Issue: Repository processing fails

  • Solution: Check repository URL is valid and accessible
  • For private repos, ensure GitHub token has correct permissions
  • Check worker container logs: docker-compose logs worker

Issue: Frontend can't connect to backend

  • Solution: Verify Next.js rewrite configuration in next.config.ts
  • Ensure backend container is named app in Docker Compose

Issue: Rate limit errors from GitHub API

  • Solution: Add a GitHub Personal Access Token to .env
  • Token increases rate limit from 60 to 5000 requests/hour

🚧 Roadmap

Backend

  • Implement exponential backoff for GitHub API rate limits
  • Add automatic retry mechanism for failed repositories
  • Horizontal scaling with multiple workers
  • Redis caching for leaderboard results
  • Structured logging and monitoring

Frontend

  • WebSocket integration for real-time updates (replace polling)
  • Enhanced UI/UX improvements
  • Export leaderboard data (CSV/JSON)
  • Advanced filtering and search
  • Pagination for large datasets

📝 License

This project is open source and available under the MIT License.

🤝 Contributing

Contributions are welcome! Please feel free to submit a Pull Request.

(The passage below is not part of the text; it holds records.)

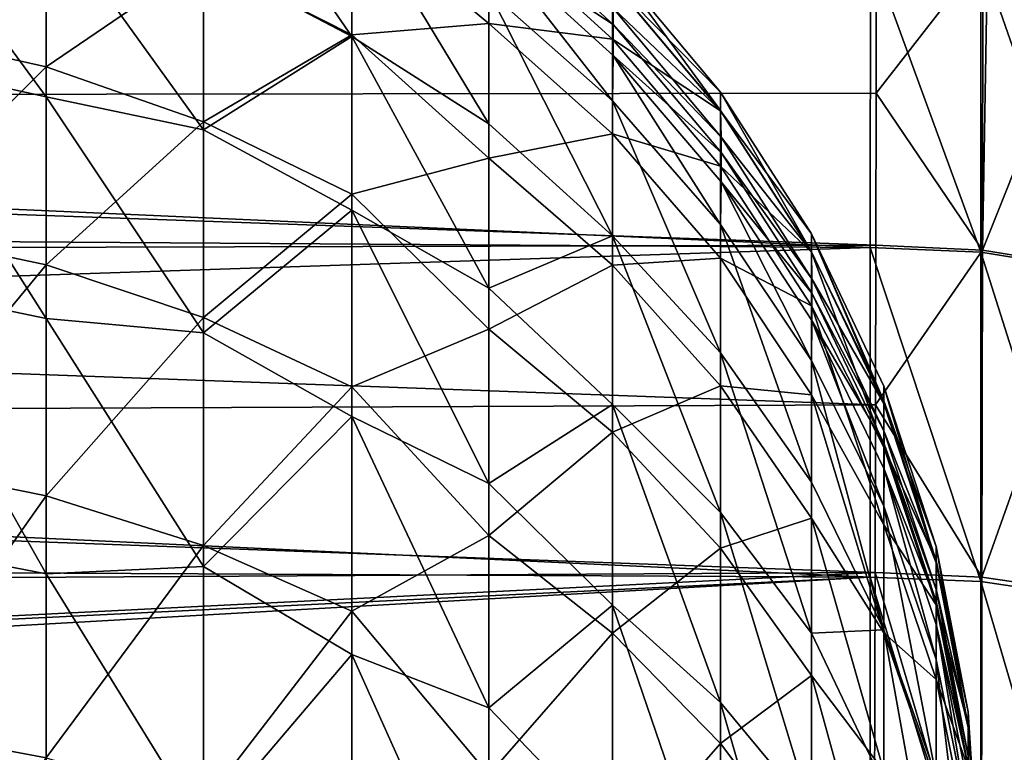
# Model space of a CAD drawing. Header units: metres. Extents: x -22 to 73, y -229 to 22.
# Tile 444 of 447: x 66 to 69.7, y 14.19 to 16.94. Entities that reach past the tile are written whole.
import ezdxf

# ---------------------------------------------------------------- set-up
doc = ezdxf.new("R2010")
doc.units = ezdxf.units.M
doc.layers.add('solid_509500_SW0001', color=7, linetype='CONTINUOUS')

msp = doc.modelspace()

# ---------------------------------------------------------------- linework, layer by layer
at = {"layer": 'solid_509500_SW0001'}
for points in [[(66.688698, 17.687613, 73.332405), (67.245842, 17.400145, 73.245743), (67.245842, 16.876701, 74.742386)], [(66.688698, 17.169436, 74.81884), (66.688698, 17.687613, 73.332405), (67.245842, 16.876701, 74.742386)], [(66.098099, 17.379587, 61.718239), (65.48349, 17.521626, 61.666901), (65.48349, 16.900484, 60.158501)], [(65.48349, 17.488239, 75.040985), (66.098099, 17.348135, 74.984573), (66.098099, 16.650625, 76.514618)], [(65.48349, 17.488239, 75.040985), (66.098099, 16.650625, 76.514618), (65.48349, 16.785095, 76.583382)], [(66.098099, 16.763481, 60.222065), (66.098099, 17.379587, 61.718239), (65.48349, 16.900484, 60.158501)], [(66.688698, 17.16567, 61.795559), (66.098099, 17.379587, 61.718239), (66.098099, 16.763481, 60.222065)], [(67.245842, 17.400145, 73.245743), (67.76059, 17.047596, 73.139458), (67.76059, 16.549444, 74.568901)], [(67.245842, 16.876701, 74.742386), (67.245842, 17.400145, 73.245743), (67.76059, 16.549444, 74.568901)], [(66.098099, 17.348135, 74.984573), (66.688698, 17.169436, 74.81884), (66.688698, 16.526596, 76.255768)], [(66.098099, 16.650625, 76.514618), (66.098099, 17.348135, 74.984573), (66.688698, 16.526596, 76.255768)], [(67.245842, 16.883303, 61.897617), (67.245842, 17.352383, 63.39785), (66.688698, 17.16567, 61.795559)], [(67.76059, 16.925833, 63.233883), (67.245842, 17.352383, 63.39785), (67.245842, 16.883303, 61.897617)], [(67.76059, 16.925833, 63.233883), (67.76059, 17.290178, 64.798531), (67.245842, 17.352383, 63.39785)], [(67.764252, 17.349119, 71.714561), (68.226784, 16.983513, 70.969849), (68.227425, 16.922478, 71.659492)], [(67.764252, 17.349119, 71.714561), (68.227425, 16.922478, 71.659492), (67.76429, 17.226109, 72.433189)], [(53.799999, 16.771345, 55.361885), (53.799999, 17.321465, 56.127052), (69.193031, 17.199686, 55.951317)], [(68.224693, 16.867073, 64.876869), (67.76059, 17.290178, 64.798531), (67.76059, 16.925833, 63.233883)], [(68.224693, 16.867073, 64.876869), (68.224693, 17.081715, 66.429298), (67.76059, 17.290178, 64.798531)], [(53.799999, 16.64447, 80.804749), (69.215134, 17.202192, 80.045105), (53.799999, 17.202192, 80.045105)], [(53.799999, 16.64447, 80.804749), (69.214699, 16.663616, 80.779823), (69.215134, 17.202192, 80.045105)], [(53.799999, 16.771345, 55.361885), (69.193031, 17.199686, 55.951317), (69.192741, 16.084406, 54.498447)], [(67.76429, 17.226109, 72.433189), (68.224693, 16.635614, 73.015251), (67.76059, 17.047596, 73.139458)], [(67.76429, 17.226109, 72.433189), (68.227455, 16.805435, 72.343254), (68.224693, 16.635614, 73.015251)], [(68.227425, 16.922478, 71.659492), (68.227455, 16.805435, 72.343254), (67.76429, 17.226109, 72.433189)], [(69.608131, 16.066902, 54.522552), (69.192741, 16.084406, 54.498447), (69.193031, 17.199686, 55.951317)], [(69.608131, 16.066902, 54.522552), (69.193031, 17.199686, 55.951317), (69.608147, 17.180725, 55.974556)], [(69.615631, 17.180197, 80.029701), (69.215134, 17.202192, 80.045105), (69.214699, 16.663616, 80.779823)], [(66.688698, 16.557148, 60.317802), (66.688698, 17.16567, 61.795559), (66.098099, 16.763481, 60.222065)], [(66.688698, 16.526596, 76.255768), (66.688698, 17.169436, 74.81884), (67.245842, 16.876701, 74.742386)], [(67.245842, 16.883303, 61.897617), (66.688698, 17.16567, 61.795559), (66.688698, 16.557148, 60.317802)], [(68.63073, 16.599192, 69.516258), (68.224693, 17.082657, 69.560417), (68.224693, 17.153776, 67.994835)], [(68.63073, 16.668299, 67.994987), (68.224693, 17.153776, 67.994835), (68.224693, 17.081715, 66.429298)], [(68.63073, 16.668299, 67.994987), (68.63073, 16.599192, 69.516258), (68.224693, 17.153776, 67.994835)], [(69.6138, 16.074141, 81.472069), (69.615631, 17.180197, 80.029701), (69.214699, 16.663616, 80.779823)], [(69.608131, 16.066902, 54.522552), (69.608147, 17.180725, 55.974556), (70.018959, 16.000114, 54.578491)], [(69.608147, 17.180725, 55.974556), (70.018982, 17.109333, 56.024418), (70.018959, 16.000114, 54.578491)], [(69.6138, 16.074141, 81.472069), (69.632294, 17.178318, 80.028389), (69.615631, 17.180197, 80.029701)], [(69.6138, 16.074141, 81.472069), (70.026833, 17.110533, 79.980927), (69.632294, 17.178318, 80.028389)], [(68.226784, 16.983513, 70.969849), (68.224693, 17.082657, 69.560417), (68.63073, 16.599192, 69.516258)], [(68.63073, 16.598276, 66.473755), (68.224693, 17.081715, 66.429298), (68.224693, 16.867073, 64.876869)], [(68.63073, 16.598276, 66.473755), (68.63073, 16.668299, 67.994987), (68.224693, 17.081715, 66.429298)], [(69.6138, 16.074141, 81.472069), (70.025009, 16.008558, 81.417992), (70.026833, 17.110533, 79.980927)], [(67.76059, 17.047596, 73.139458), (68.224693, 16.635614, 73.015251), (68.224693, 16.128176, 74.463615)], [(67.76059, 16.549444, 74.568901), (67.76059, 17.047596, 73.139458), (68.224693, 16.128176, 74.463615)], [(68.632156, 16.4988, 70.947418), (68.226784, 16.983513, 70.969849), (68.63073, 16.599192, 69.516258)], [(68.227425, 16.922478, 71.659492), (68.226784, 16.983513, 70.969849), (68.632156, 16.4988, 70.947418)], [(66.098099, 16.763481, 60.222065), (65.48349, 16.900484, 60.158501), (65.48349, 16.14978, 58.710217)], [(67.76059, 16.420208, 61.709019), (67.76059, 16.925833, 63.233883), (67.245842, 16.883303, 61.897617)], [(68.224693, 16.511644, 63.350513), (67.76059, 16.925833, 63.233883), (67.76059, 16.420208, 61.709019)], [(68.224693, 16.511644, 63.350513), (68.224693, 16.867073, 64.876869), (67.76059, 16.925833, 63.233883)], [(68.227425, 16.922478, 71.659492), (68.632156, 16.4988, 70.947418), (68.632614, 16.441288, 71.597389)], [(68.227425, 16.922478, 71.659492), (68.632614, 16.441288, 71.597389), (68.227455, 16.805435, 72.343254)], [(67.245842, 16.28479, 60.444172), (67.245842, 16.883303, 61.897617), (66.688698, 16.557148, 60.317802)], [(66.688698, 16.526596, 76.255768), (67.245842, 16.876701, 74.742386), (67.245842, 16.2248, 76.187714)], [(67.76059, 16.420208, 61.709019), (67.245842, 16.883303, 61.897617), (67.245842, 16.28479, 60.444172)], [(67.245842, 16.876701, 74.742386), (67.76059, 16.549444, 74.568901), (67.76059, 15.931678, 75.950859)], [(67.245842, 16.2248, 76.187714), (67.245842, 16.876701, 74.742386), (67.76059, 15.931678, 75.950859)], [(68.63073, 16.389709, 64.965263), (68.224693, 16.867073, 64.876869), (68.224693, 16.511644, 63.350513)], [(68.63073, 16.389709, 64.965263), (68.63073, 16.598276, 66.473755), (68.224693, 16.867073, 64.876869)], [(65.48349, 16.785095, 76.583382), (66.098099, 16.650625, 76.514618), (66.098099, 15.818501, 77.97583)], [(65.48349, 16.785095, 76.583382), (66.098099, 15.818501, 77.97583), (65.48349, 15.94625, 78.056389)], [(68.227455, 16.805435, 72.343254), (68.63073, 16.170799, 72.875122), (68.224693, 16.635614, 73.015251)], [(68.227455, 16.805435, 72.343254), (68.632637, 16.330978, 72.241814), (68.63073, 16.170799, 72.875122)], [(68.632614, 16.441288, 71.597389), (68.632637, 16.330978, 72.241814), (68.227455, 16.805435, 72.343254)], [(53.799999, 16.18745, 54.622166), (53.799999, 16.771345, 55.361885), (69.192741, 16.084406, 54.498447)], [(66.098099, 16.018864, 58.785522), (66.098099, 16.763481, 60.222065), (65.48349, 16.14978, 58.710217)], [(66.688698, 16.557148, 60.317802), (66.098099, 16.763481, 60.222065), (66.098099, 16.018864, 58.785522)], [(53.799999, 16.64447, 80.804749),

🚀 Image Building & Deployment

This repository handles image building only. Deployment is handled by the infrastructure repository.

Building Images

Images are automatically built and pushed to GCP Artifact Registry when you create a git tag:

# Create a service-specific tag
git tag api-v1.2.3
git tag commit-worker-v1.5.0
git tag user-worker-v2.0.1

# Push tags to trigger builds
git push origin --tags

Tag Format

  • Format: <service>-v<version>
  • Services: api, commit-worker, user-worker
  • Version: Semantic versioning (e.g., 1.2.3)

Workflow

  1. Tag created → GitHub Actions workflow triggers
  2. Image built → Docker image built from Dockerfile
  3. Image pushed → Pushed to Artifact Registry
  4. Deployment triggered → Automatically triggers deployment in infra repo

Dockerfiles

Dockerfiles are located in:

  • backend/Dockerfile.prod - API service
  • backend/Dockerfile.cloudrun-commit-worker - Commit worker
  • backend/Dockerfile.cloudrun-user-worker - User worker

📚 Additional Documentation

👤 Author

Alex Martinez


Note: This application processes repositories asynchronously. Large repositories may take several minutes to process. The frontend automatically polls for status updates and will display results when processing completes.